Item 1.01
Entry into a Material Definitive Agreement
On January 10, 2017, Marathon Patent Group, Inc. (the Company) and certain of its subsidiaries (each a Subsidiary and collectively with the Issuer, the Company) entered into an amended and restated revenue sharing and securities purchase agreement (the ARRSSPA) with DBD Credit Funding, LLC (DBD), an affiliate of Fortress Credit Corp.(Fortress), under which the Company and DBD amended and restated the Revenue Sharing and Securities Purchase Agreement dated January 29, 2015 (the Original Agreement) pursuant to which (i) Fortress purchased $20,000,000 in promissory notes, of which $15,549,409 is currently outstanding (less $4,500,000 that is currently held in a cash collateral account), (ii) an interest in the Companys revenues from certain activities and warrants to purchase 100,000 shares of the Companys common stock.
The ARRSSPA amends and restates the Original Agreement to provide for (i) the sale by the Company of a $4,500,000 promissory note (the New Note) and (ii) the insurance of additional warrants to purchase 187,500 shares of common stock (the New Warrant). Pursuant to the ARRSSPA, Fortress acquired an increased revenue stream right to certain revenues generated by the Company through monetization of our patent portfolio (Monetization Revenues). The ARRSSPA increases the revenue stream basis to $1,225,000. The ARRSSPA provides for the potential issuance of up to $7,500,000 of additional notes (the Additional Notes), of which not more than $3,750,000 shall be made prior to June 30, 2017 and of which not more than $3,750,000 shall be made available during the period following June 30, 2017 and on or prior to December 31, 2017 and not more than two such issuances shall occur under the ARRSSPA.

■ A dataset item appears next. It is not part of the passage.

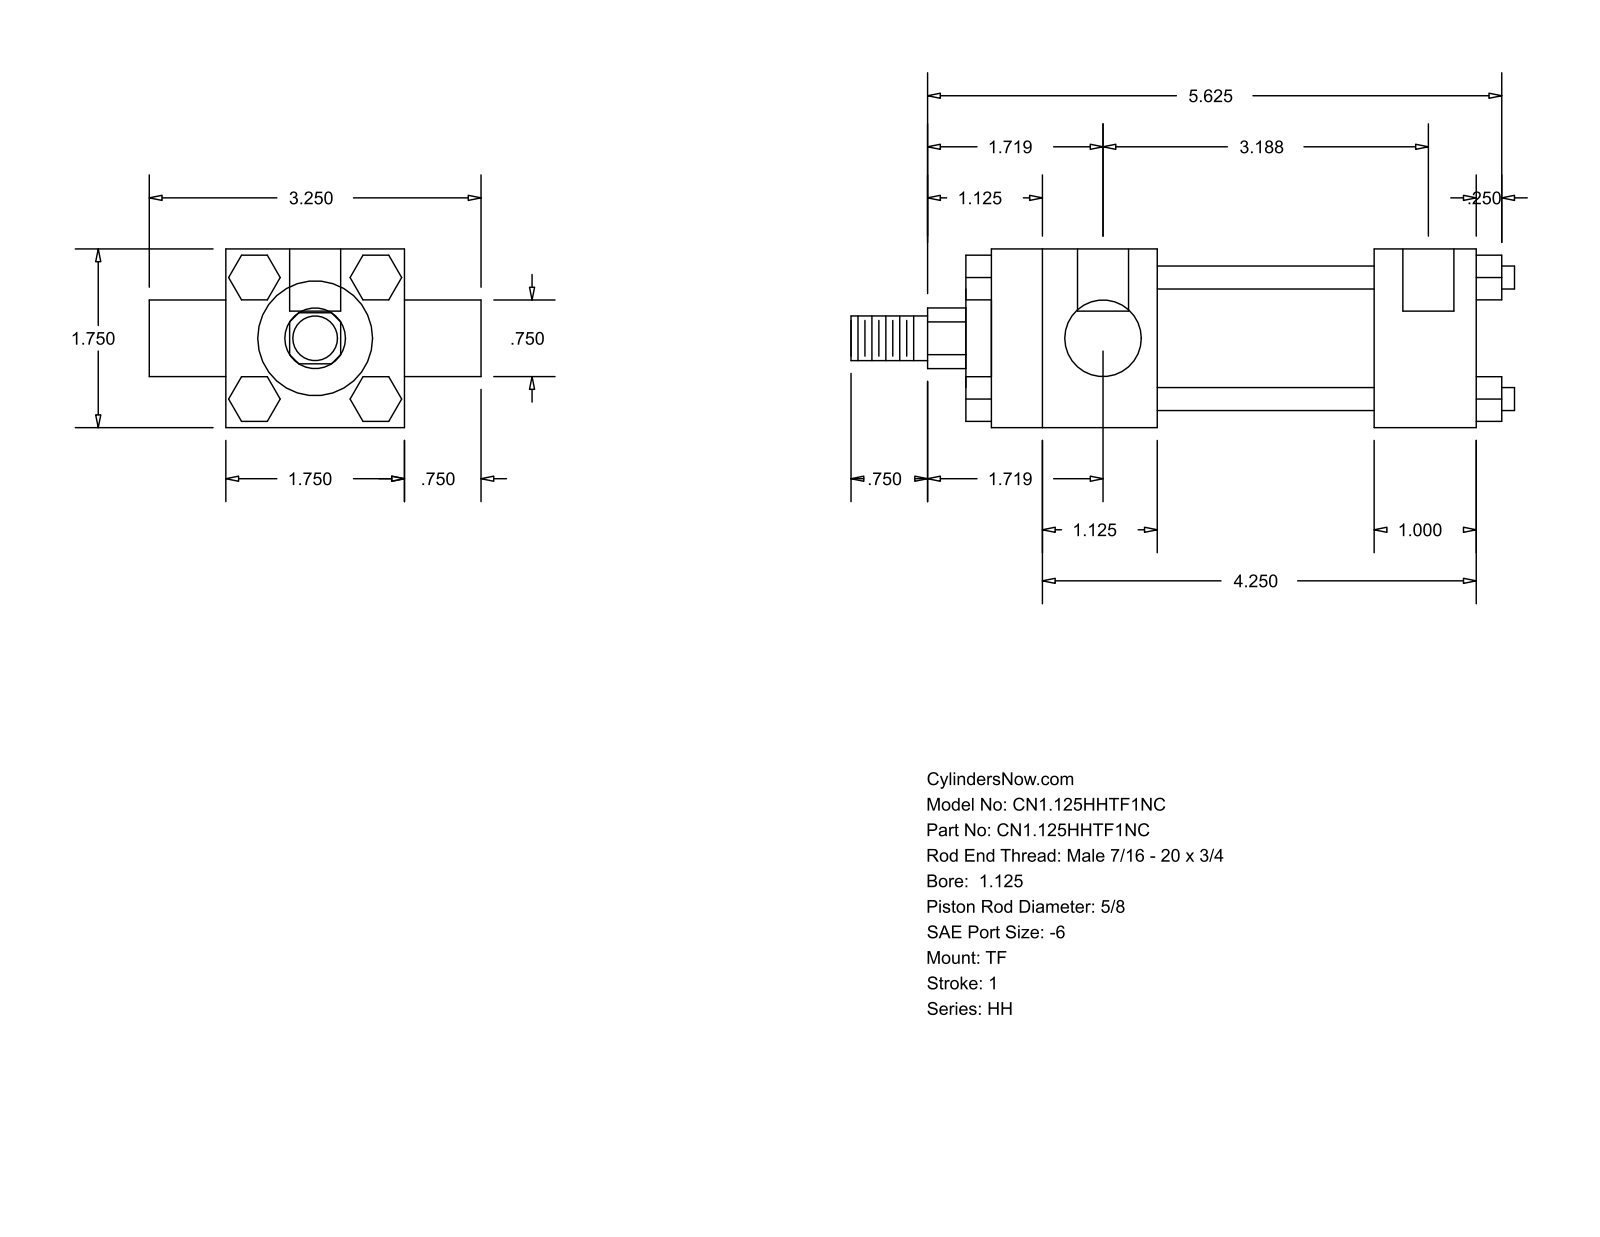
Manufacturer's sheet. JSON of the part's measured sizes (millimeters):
{"part_name": "HH_TF__0112_0.625", "step_written_by": "GSSL Pune (CONFIG_CONTROL_DESIGN)", "units": "millimeters", "bodies": {"solids": 0, "faces": 120, "planar": 92, "cylindrical": 28, "other": 0}, "overall_size": [165.1, 82.55, 44.45], "round_holes": [[5.56, 3], [12.7, 2]], "round_bosses_or_shafts": [[5.71, 4], [34.92, 1], [28.57, 1], [19.05, 1], [15.88, 1], [11.11, 1]], "partial_cylinders_radius": [[7.54, 1]], "face_to_face_distances": [44.46, 6.35, 127, 11.11, 53.97, 79.38, 25.41, 41.27, 95.24, 120.65], "hole_center_spacings": [3.17, 77.79, 80.96]}

The unpaid principal amount of the New Note (including any PIK Interest, as defined below) shall bear cash interest at a rate equal to LIBOR plus 9.75% per annum; provided that upon and during the continuance of an Event of Default (as defined in the Purchase Agreement), the interest rate shall increase by an additional 2% per annum. Interest on the Initial Note shall be paid on the last business day of each calendar month (the Interest Payment Date), commencing January 31, 2017. Interest shall be paid in cash except that 2.75% per annum of the interest due on each Interest Payment Date shall be paid-in-kind, by increasing the principal amount of the Notes by the amount of such interest, effective as of the applicable Interest Payment Date (PIK Interest). PIK Interest shall be treated as added principal of the New Note for all purposes, including interest accrual and the calculation of any prepayment premium. The Company paid a structuring fee of 2.0% of the New Note and would pay a 2.0% fee upon the issuance of any Additional Notes. The proceeds of the New Note and any Additional Notes may be used for working capital purposes, portfolio acquisitions, growth capital and other general corporate purposes.
The Purchase Agreement contains certain customary events of default, and also contains certain covenants including a requirement that the Company maintain minimum liquidity of $1,250,000 in unrestricted cash and cash equivalents.
The terms of the Warrant provide that from July 10, 2017 until January 10 2022, the Warrant may be exercised for cash or on a cashless basis. Exercisability of the Warrant is limited if, upon exercise, the holder would beneficially own more than 4.99% of the Issuers Common Stock.
Pursuant to the ARSSPA, as security for the payment and performance in full of the Secured Obligations (as defined in the Security Agreement entered in favor of the Note purchasers (the Security Agreement) the Company and certain subsidiaries executed and delivered in favor of the purchasers a Security Agreement and a Patent Security Agreement, including a pledge of the Companys interests in certain of its subsidiaries. As further set forth in the Security Agreement, repayment of the Note Obligations (as defined in the Notes) is secured by a first priority lien and security interest in all of the assets of the Company, subject to certain permitted liens. Certain subsidiaries of the Company also executed guarantees in favor of the purchasers (each, a Guaranty), guaranteeing the Note Obligations.
The foregoing is a summary description of the terms and conditions of the ARSSPA, Notes, Warrant, Security Agreement, Patent Security Agreement, Patent License Agreement, and other agreements entered in connection with the Purchase Agreement (collectively, Transaction Documents), does not purport to be complete and is qualified in their entirety by reference to the form of transaction documents filed as exhibits hereto.